Marc Furrer, Präsident der Kommunikations-Kommission (ComCom), befürchtet sogar einen Gebührenanstieg: «Es besteht die Gefahr, dass die Telekom-Operators der EU sich sagen, innerhalb der EU müssen wir uns an die Roaming-Abkommen halten, aber ausserhalb können wir zuschlagen, also in Nordafrika, den USA und eben der Schweiz.»
Furrer will am regelmässigen Treffen der EU-Regulatoren Ende Monat in Oslo das Thema zur Sprache bringen. Die Obergrenzen der Gebühren sollten auch für Handy-Gespräche mit der Schweiz eingehalten werden, und zwar freiwillig. Denn eine rechtliche Handhabe fehle.
swissinfo und Agenturen
Unter Roaming (Engl.: Herumstreifen) versteht man die Möglichkeit, in einem anderen als dem Heimnetzwerk automatisch Anrufe und SMS tätigen oder empfangen zu können.
Roaming kommt dann zum Zug, wenn ein Mobiltelefonie-Abonnent ausserhalb des geographischen Gebietes telefoniert, das durch sein Heimnetzwerk abgedeckt wird.
Dies aber nur, falls sein Anbieter entsprechende Roaming-Verträge mit ausländischen Anbietern abgeschlossen hat.
Der neue EU-Tarif begrenzt die Gebühren für aktive Auslandgespräche auf 49 Euro-Cent (ohne Mehrwertsteuer) pro Minute.
Für eingehende Anrufe auf einem Fremdnetz sollen Kunden nicht mehr als 24 Cent zahlen müssen.
Nach einem weiteren Jahr sollen die Gebühren auf 46 Cent, im dritten Jahr auf 43 Cent sinken, während angenommene Anrufe noch 22, dann 19 Cent kosten sollen.

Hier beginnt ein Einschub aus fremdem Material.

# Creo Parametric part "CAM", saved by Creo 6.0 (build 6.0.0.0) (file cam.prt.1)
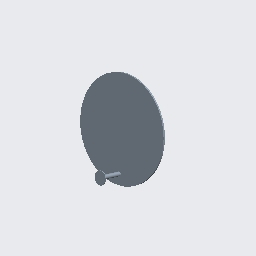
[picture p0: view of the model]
Units: millimeter Newton Second (mmNs); MM, TONNE, SECS

Created from: MMNS_PART_SOLID.PRT

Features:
  1. datum plane "RIGHT"
  2. datum plane "TOP"
  3. datum plane "FRONT"
  4. coordinate system
  5. sketch "Sketch 1"
  6. extrusion "Extrude 1"
  7. sketch "Sketch 2"
  8. extrusion "Extrude 2"
  9. sketch "Sketch 3"
  10. extrusion "Extrude 3"
  11. sketch "Sketch 4"
  12. extrusion "Extrude 4"
  13. datum plane "DTM1"

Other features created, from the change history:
  extruded cut "Extrude 2"
  sketch "Sketch 5"
  extrusion "Extrude 5"

Surfaces: 5 plane, 4 cylinder

Laut der Dachorganisation der Mobiltelefonie-Anbieter, welche die neuen Regeln bekämpfen, sind die Tarife in den letzten beiden Jahren bereits um rund 30% gesunken.
Die durchschnittlichen Kosten für Anrufe im Ausland sind von 83 auf 59 Cent pro Minute gesenkt worden. Trotzdem verlangen gewisse Anbieter heute noch bis 3 Euro pro Minute.
Der Schweizer Anbieter Swisscom verrechnet für im Ausland getätigte Anrufe 1,50 Franken (90 Euro-Cent) pro Minute, Sunrise und Orange 1,70 Franken (1 Euro).